The West

Unknown hero saves shark victim
Jon Hines. Picture: Jon Hines, Pacephoto, Facebook

A local surfing legend has described the moment he realised surfer Jon Hines was attacked by a shark at a remote beach in the Gascoyne.

Jeff Goulden, known as Camel, grabbed 34-year-old Mr Hines and pulled him on to his surfboard after the shark struck.

Mr Goulden told Seven News Mr Hines called for help after the attack.

"He was yelling out "my arm, my arm", I paddled really fast toward the shore, it took just like a minute or two to get him ashore I paddled really fast," he said.

"We saw it just thrashing around and saw a bit of its body."

Local camp ground manager Jim Caldwell said Mr Goulden dragged the man to the shore using a big surfboard.

"He did really well," he said,

Camel is a well-known surfer at Red Bluff, a remote stretch of coast near Quobba Station about 160km north of Carnarvon.

Beachgoers rushed to the Mr Hines' aid, wrapping him in towels and putting him into the back of a borrowed car, Mr Caldwell said.

He had severe injuries to his right arm and abdomen. The shark struck about 3.30pm.

The victim then faced a 1½ hour drive over bumpy dirt tracks before an ambulance met them and took him to Carnarvon Hospital.

Mr Hines was flown to Royal Perth Hospital by the Royal Flying Doctor Service last night. He is undergoing surgery to his right arm where he has received an extensive laceration. He is understood to be in a stable condition.

Fisheries Department regional manager Tony Cappelluti said fisheries would be at Red Bluff this morning and a boat would be on standby in Coral Bay as a precautionary measure.

He said said there was no plan to hunt for the shark.

“We’re not going to be looking for sharks, we don’t know what species it was, we have no information whatsoever so none of that information has been updated since yesterday,” he said.

The beach is expected to be closed all day today.

The shark attack victim at Jandakot airport last night. Picture: Sharon Smith/The West Australian

Mr Caldwell, who sat holding the man in the back seat during the drive, said rescuers kept talking to him to keep him coherent.

"It was all about keeping the pressure on, the blood loss was our biggest concern."

He said that despite the injuries, Mr Hines was in good spirits. "He was doing well, he looked to me like he was tough as nails," Mr Caldwell said.

He said the victim was surfing at the popular beach with his brother.

Mr Caldwell's 15-year-old daughter Imogen was one of about 10 people in the water at the time of the attack and had seen blood and someone "asking for help".

His wife Rebecca said the "water was full of blood".

A surfer himself, Mr Caldwell said shark sightings were not uncommon along the spectacular stretch of pristine coast but locals were usually unperturbed by them.

"I was hoping an attack would never happen up here," he said.

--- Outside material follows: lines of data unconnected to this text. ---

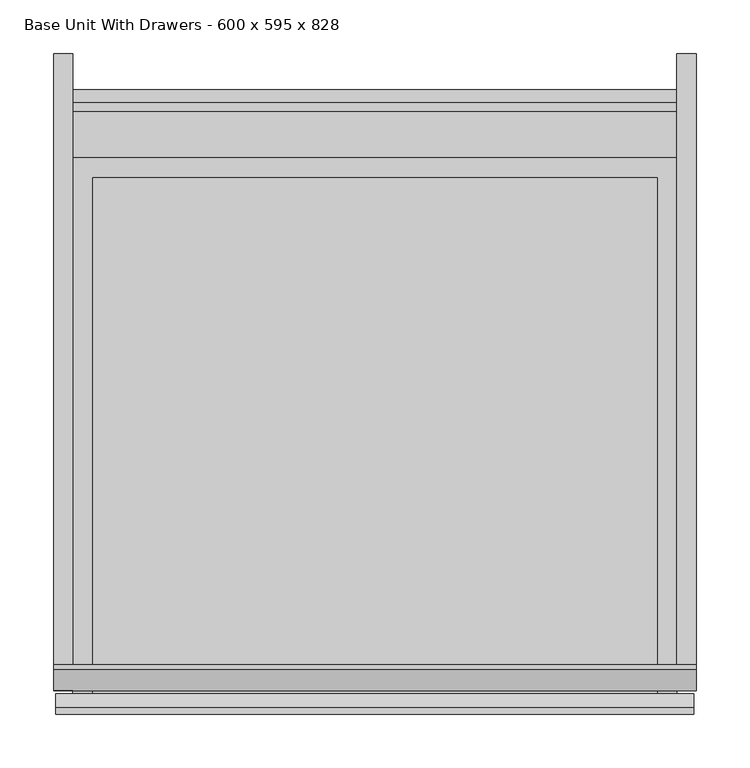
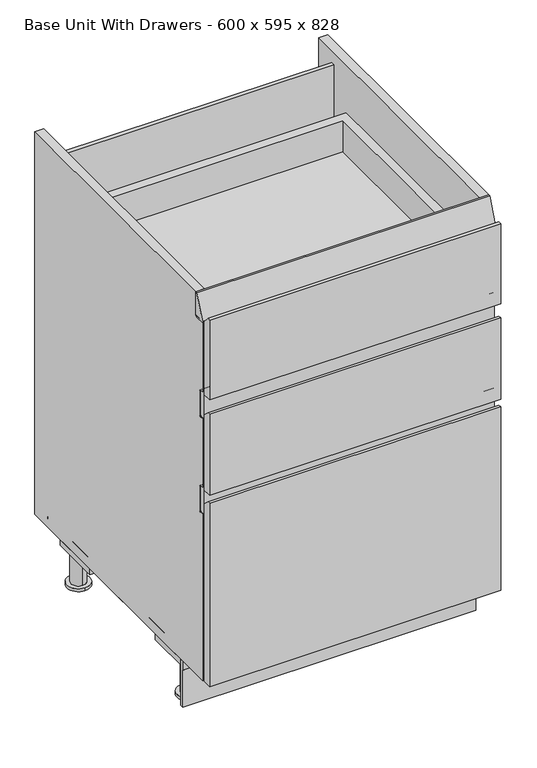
"""IFC4 building model written with IfcOpenShell, lengths in millimetres: furniture geometry, Furniture_Other-Furniture_Molteni&C_Prime_Base-With-Drawers : Base Unit With Drawers - 600 x 595 x 828."""

from ifc_helpers import new_model, si_unit, point, frame, frame_2d, origin, place, context, project, spatial, polyline, circle_curve, trimmed, segment, composite_curve, outline, extrude, faceted_brep, source, transform, mapped, element, save
from ifc_brep_helpers import plane_surface, cylinder_surface, advanced_brep


def base_unit_with_drawers_600_x_595_x_828_efac2a1d(model_context):
    return source(origin(), model_context, "Body", "SolidModel", [
        extrude(outline(composite_curve([segment(polyline([(-297.5, 667.5185675), (-297.5, 725.2271229), (-292.5, 725.2271229)]), True, "CONTINUOUS"), segment(trimmed(circle_curve(frame_2d((-292.5, 720.2271229)), 5.0), [point((-292.5, 725.2271229))], [point((-287.5, 720.2271229))], False, "CARTESIAN"), True, "CONTINUOUS"), segment(polyline([(-287.5, 720.2271229), (-287.5, 672.5185675)]), True, "CONTINUOUS"), segment(trimmed(circle_curve(frame_2d((-292.5, 672.5185675)), 5.0), [point((-287.5, 672.5185675))], [point((-292.5, 667.5185675))], False, "CARTESIAN"), True, "CONTINUOUS"), segment(polyline([(-292.5, 667.5185675), (-297.5, 667.5185675)]), True, "CONTINUOUS")], self_intersect=False)), frame((-298.0, 0.0, 0.0), z_axis=(1.0, 0.0, 0.0), x_axis=(0.0, 1.0, 0.0)), (0.0, 0.0, 1.0), 596.0),
        extrude(outline(composite_curve([segment(trimmed(circle_curve(frame_2d((-292.5, 465.5185675)), 5.0), [point((-287.5, 465.5185675))], [point((-292.5, 460.5185675))], False, "CARTESIAN"), True, "CONTINUOUS"), segment(polyline([(-292.5, 460.5185675), (-297.5, 460.5185675), (-297.5, 518.2271229), (-292.5, 518.2271229)]), True, "CONTINUOUS"), segment(trimmed(circle_curve(frame_2d((-292.5, 513.2271229)), 5.0), [point((-292.5, 518.2271229))], [point((-287.5, 513.2271229))], False, "CARTESIAN"), True, "CONTINUOUS"), segment(polyline([(-287.5, 513.2271229), (-287.5, 465.5185675)]), True, "CONTINUOUS")], self_intersect=False)), frame((-298.0, 0.0, 0.0), z_axis=(1.0, 0.0, 0.0), x_axis=(0.0, 1.0, 0.0)), (0.0, 0.0, 1.0), 596.0),
        extrude(outline(composite_curve([segment(polyline([(-297.5, 877.3416662), (-277.2702375, 928.0), (-273.0222513, 928.0), (-273.0222513, 879.3794292)]), True, "CONTINUOUS"), segment(trimmed(circle_curve(frame_2d((-277.034701, 879.3794292)), 4.0124497), [point((-273.0222513, 879.3794292))], [point((-277.034701, 875.3669795))], False, "CARTESIAN"), True, "CONTINUOUS"), segment(polyline([(-277.034701, 875.3669795), (-297.5, 875.3669795), (-297.5, 877.3416662)]), True, "CONTINUOUS")], self_intersect=False)), frame((-300.0, 0.0, 0.0), z_axis=(1.0, 0.0, 0.0), x_axis=(0.0, 1.0, 0.0)), (0.0, 0.0, 1.0), 600.0),
        extrude(outline(polyline([(-319.5, 690.0), (-313.5, 690.0), (-300.5, 677.0), (-300.5, 514.0), (-319.5, 514.0), (-319.5, 690.0)])), frame((-298.0, 0.0, 0.0), z_axis=(1.0, 0.0, 0.0), x_axis=(0.0, 1.0, 0.0)), (0.0, 0.0, 1.0), 596.0),
        extrude(outline(polyline([(-319.5, 100.0), (-319.5, 497.0), (-313.5, 497.0), (-300.5, 484.0), (-300.5, 100.0), (-319.5, 100.0)])), frame((-298.0, 0.0, 0.0), z_axis=(1.0, 0.0, 0.0), x_axis=(0.0, 1.0, 0.0)), (0.0, 0.0, 1.0), 596.0),
        extrude(outline(polyline([(-300.5, 878.5), (-300.5, 721.0), (-319.5, 721.0), (-319.5, 894.0), (-313.5, 894.0), (-300.5, 878.5)])), frame((-298.0, 0.0, 0.0), z_axis=(1.0, 0.0, 0.0), x_axis=(0.0, 1.0, 0.0)), (0.0, 0.0, 1.0), 596.0),
        extrude(outline(composite_curve([segment(polyline([(-273.0222513, 928.0), (297.5, 928.0), (297.5, 100.0), (-297.5, 100.0), (-297.5, 460.5185675), (-290.5, 460.5185675)]), True, "CONTINUOUS"), segment(trimmed(circle_curve(frame_2d((-290.5, 463.5185675)), 3.0), [point((-290.5, 460.5185675))], [point((-287.5, 463.5185675))], True, "CARTESIAN"), True, "CONTINUOUS"), segment(polyline([(-287.5, 463.5185675), (-287.5, 514.7345888)]), True, "CONTINUOUS"), segment(trimmed(circle_curve(frame_2d((-291.398986, 514.7345888)), 3.898986), [point((-287.5, 514.7345888))], [point((-291.398986, 518.6335747))], True, "CARTESIAN"), True, "CONTINUOUS"), segment(polyline([(-291.398986, 518.6335747), (-297.5, 518.6335747), (-297.5, 667.4321675), (-289.9576065, 667.4321675)]), True, "CONTINUOUS"), segment(trimmed(circle_curve(frame_2d((-290.5, 670.3827283)), 3.0), [point((-289.9576065, 667.4321675))], [point((-287.5, 670.3827283))], True, "CARTESIAN"), True, "CONTINUOUS"), segment(polyline([(-287.5, 670.3827283), (-287.5, 721.7345888)]), True, "CONTINUOUS"), segment(trimmed(circle_curve(frame_2d((-291.398986, 721.7345888)), 3.898986), [point((-287.5, 721.7345888))], [point((-291.398986, 725.6335747))], True, "CARTESIAN"), True, "CONTINUOUS"), segment(polyline([(-291.398986, 725.6335747), (-297.5, 725.6335747), (-297.5, 878.3669795), (-277.034701, 878.3669795)]), True, "CONTINUOUS"), segment(trimmed(circle_curve(frame_2d((-277.034701, 882.3794292)), 4.0124497), [point((-277.034701, 878.3669795))], [point((-273.0222513, 882.3794292))], True, "CARTESIAN"), True, "CONTINUOUS"), segment(polyline([(-273.0222513, 882.3794292), (-273.0222513, 928.0)]), True, "CONTINUOUS")], self_intersect=False)), frame((-300.0, 0.0, 0.0), z_axis=(1.0, 0.0, 0.0), x_axis=(0.0, 1.0, 0.0)), (0.0, 0.0, 1.0), 18.0),
        extrude(outline(composite_curve([segment(polyline([(-273.0222513, 928.0), (297.5, 928.0), (297.5, 100.0), (-297.5, 100.0), (-297.5, 460.7488715), (-290.5, 460.7488715)]), True, "CONTINUOUS"), segment(trimmed(circle_curve(frame_2d((-290.5, 463.7488715)), 3.0), [point((-290.5, 460.7488715))], [point((-287.5, 463.7488715))], True, "CARTESIAN"), True, "CONTINUOUS"), segment(polyline([(-287.5, 463.7488715), (-287.5, 514.7345888)]), True, "CONTINUOUS"), segment(trimmed(circle_curve(frame_2d((-291.398986, 514.7345888)), 3.898986), [point((-287.5, 514.7345888))], [point((-291.398986, 518.6335747))], True, "CARTESIAN"), True, "CONTINUOUS"), segment(polyline([(-291.398986, 518.6335747), (-297.5, 518.6335747), (-297.5, 667.4321675), (-289.9576065, 667.4321675)]), True, "CONTINUOUS"), segment(trimmed(circle_curve(frame_2d((-290.5, 670.3827283)), 3.0), [point((-289.9576065, 667.4321675))], [point((-287.5, 670.3827283))], True, "CARTESIAN"), True, "CONTINUOUS"), segment(polyline([(-287.5, 670.3827283), (-287.5, 721.7345888)]), True, "CONTINUOUS"), segment(trimmed(circle_curve(frame_2d((-291.398986, 721.7345888)), 3.898986), [point((-287.5, 721.7345888))], [point((-291.398986, 725.6335747))], True, "CARTESIAN"), True, "CONTINUOUS"), segment(polyline([(-291.398986, 725.6335747), (-297.5, 725.6335747), (-297.5, 875.3669795), (-277.034701, 875.3669795)]), True, "CONTINUOUS"), segment(trimmed(circle_curve(frame_2d((-277.034701, 879.3794292)), 4.0124497), [point((-277.034701, 875.3669795))], [point((-273.0222513, 879.3794292))], True, "CARTESIAN"), True, "CONTINUOUS"), segment(polyline([(-273.0222513, 879.3794292), (-273.0222513, 928.0)]), True, "CONTINUOUS")], self_intersect=False)), frame((282.0, 0.0, 0.0), z_axis=(1.0, 0.0, 0.0), x_axis=(0.0, 1.0, 0.0)), (0.0, 0.0, 1.0), 18.0),
        advanced_brep(
        [(300.0, -227.5, 80.0), (300.0, -227.5, 0.0), (300.0, -219.5, 0.0), (300.0, -219.5, 80.0), (300.0, -220.5, 80.0), (300.0, -220.5, 100.0), (300.0, -226.5, 100.0), (300.0, -226.5, 80.0), (-300.0, -227.5, 80.0), (-300.0, -226.5, 80.0), (-300.0, -226.5, 100.0), (-300.0, -220.5, 100.0), (-300.0, -220.5, 80.0), (-300.0, -219.5, 80.0), (-300.0, -219.5, 0.0), (-300.0, -227.5, 0.0), (-292.0, -219.5, 80.0), (-292.0, -219.5, 76.0), (-187.4, -219.5, 76.0), (-187.4, -219.5, 80.0), (187.4, -219.5, 80.0), (187.4, -219.5, 76.0), (292.0, -219.5, 76.0), (292.0, -219.5, 80.0), (292.0, -220.2543184, 80.0), (187.4, -220.2543184, 80.0), (-187.4, -220.2543184, 80.0), (-292.0, -220.2543184, 80.0), (292.0, -220.2543184, 100.0), (292.0, -116.0117937, 100.0), (262.0, -116.0117937, 100.0), (187.4, -190.6117937, 100.0), (187.4, -220.2543184, 100.0), (-292.0, -220.2543184, 100.0), (-187.4, -220.2543184, 100.0), (-187.4, -190.6117937, 100.0), (-262.0, -116.0117937, 100.0), (-292.0, -116.0117937, 100.0), (187.4, -190.6117937, 76.0), (262.0, -116.0117937, 76.0), (292.0, -116.0117937, 76.0), (270.0, -210.450213, 76.0), (270.0, -180.450213, 76.0), (-292.0, -116.0117937, 76.0), (-262.0, -116.0117937, 76.0), (-187.4, -190.6117937, 76.0), (-270.0, -210.450213, 76.0), (-270.0, -180.450213, 76.0), (270.0, -172.0406948, 0.0), (270.0, -219.0487988, 0.0), (-270.0, -219.04912, 0.0), (-270.0, -172.041016, 0.0), (-270.0, -210.450213, 6.1757403), (-270.0, -180.450213, 6.1757403), (270.0, -210.450213, 6.1757403), (270.0, -180.450213, 6.1757403), (270.0, -172.0406948, 6.1757403), (270.0, -219.0487988, 6.1757403), (-270.0, -219.04912, 6.1757403), (-270.0, -172.041016, 6.1757403)],
        [
            (0, 1),
            (1, 2),
            (2, 3),
            (3, 4),
            (4, 5),
            (5, 6),
            (6, 7),
            (7, 0),
            (8, 9),
            (9, 10),
            (10, 11),
            (11, 12),
            (12, 13),
            (13, 14),
            (14, 15),
            (15, 8),
            (0, 8),
            (15, 1),
            (14, 2),
            (13, 16),
            (16, 17),
            (17, 18),
            (18, 19),
            (19, 20),
            (20, 21),
            (21, 22),
            (22, 23),
            (23, 3),
            (23, 24),
            (24, 25),
            (25, 20),
            (19, 26),
            (26, 27),
            (27, 16),
            (12, 4),
            (11, 5),
            (10, 6),
            (9, 7),
            (28, 29),
            (29, 30),
            (30, 31),
            (31, 32),
            (32, 28),
            (33, 34),
            (34, 35),
            (35, 36),
            (36, 37),
            (37, 33),
            (38, 39),
            (39, 40),
            (40, 22),
            (21, 38),
            (41, 42, circle_curve(frame((270.0, -195.450213, 76.0), z_axis=(0.0, 0.0, 1.0), x_axis=(1.0, 0.0, 0.0)), 15.0)),
            (42, 41, circle_curve(frame((270.0, -195.450213, 76.0), z_axis=(0.0, 0.0, 1.0), x_axis=(1.0, 0.0, 0.0)), 15.0)),
            (43, 44),
            (44, 45),
            (45, 18),
            (17, 43),
            (46, 47, circle_curve(frame((-270.0, -195.450213, 76.0), z_axis=(0.0, 0.0, 1.0), x_axis=(1.0, 0.0, 0.0)), 15.0)),
            (47, 46, circle_curve(frame((-270.0, -195.450213, 76.0), z_axis=(0.0, 0.0, 1.0), x_axis=(1.0, 0.0, 0.0)), 15.0)),
            (28, 24),
            (40, 29),
            (39, 30),
            (38, 31),
            (25, 32),
            (33, 27),
            (26, 34),
            (45, 35),
            (44, 36),
            (43, 37),
            (48, 49, circle_curve(frame((270.0, -195.5447468, 0.0), z_axis=(0.0, 0.0, -1.0), x_axis=(1.0, 0.0, 0.0)), 23.504052)),
            (49, 48, circle_curve(frame((270.0, -195.5447468, 0.0), z_axis=(0.0, 0.0, -1.0), x_axis=(1.0, 0.0, 0.0)), 23.504052)),
            (50, 51, circle_curve(frame((-270.0, -195.545068, 0.0), z_axis=(0.0, 0.0, -1.0), x_axis=(1.0, 0.0, 0.0)), 23.504052)),
            (51, 50, circle_curve(frame((-270.0, -195.545068, 0.0), z_axis=(0.0, 0.0, -1.0), x_axis=(1.0, 0.0, 0.0)), 23.504052)),
            (46, 52),
            (52, 53, circle_curve(frame((-270.0, -195.450213, 6.1757403), z_axis=(0.0, 0.0, 1.0), x_axis=(1.0, 0.0, 0.0)), 15.0)),
            (53, 47),
            (53, 52, circle_curve(frame((-270.0, -195.450213, 6.1757403), z_axis=(0.0, 0.0, 1.0), x_axis=(1.0, 0.0, 0.0)), 15.0)),
            (41, 54),
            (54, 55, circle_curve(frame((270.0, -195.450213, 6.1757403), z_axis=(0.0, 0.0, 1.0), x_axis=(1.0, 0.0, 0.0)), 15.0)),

Tim Meecham, who owns a campsite at Red Bluff, said the attack was a "random sort of thing".

"There were people further out and people closer in from where the man was surfing," he said.

Mr Meecham said the incident was a stark reminder of the difficulties emergency rescue authorities faced in the region.

Locals, spearheaded by community group the Desert Diamonds, have been pushing for a rescue helicopter to be permanently stationed in the Gascoyne.

Mr Meecham said dirt roads and sheer distance often hampered emergency rescue efforts.

Fisheries Department regional manager Tony Cappelluti said authorities were not sure what type of shark had attacked the man.

As of last night, the department had not made plans to hunt the shark.

Carnarvon Shire chief executive Maurice Battilana said Red Bluff was a world-renowned surfing spot popular with tourists.

He said he had been contacted by the Department of Environment and Conservation, which was seeking co-operation to close the beach.

He said the shire would be guided by the DEC over how long the beach would remain closed.

In April last year, a 17-year-old youth was bitten on the heel by a shark while cleaning fish at Red Bluff.

Yesterday's incident is the sixth serious shark attack in less than a year in WA. The previous five attacks were all fatal, with the most recent near Wedge Island in July when a great white mauled surfer Ben Linden, 24.

In March, Perth man Peter Kurmann, 33, was diving off Stratham Beach near Busselton when he was killed by a 4m great white.

There were two fatal attacks in WA in October. Bryn Martin, 64, disappeared while swimming at Cottesloe beach and Texan George Thomas Wainwright was mauled while diving from a boat about 500m off Little Armstrong Bay at Rottnest Island.

The first of the recent shark deaths was last September when bodyboarder Kyle Burden was attacked at Bunker Bay, near Dunsborough.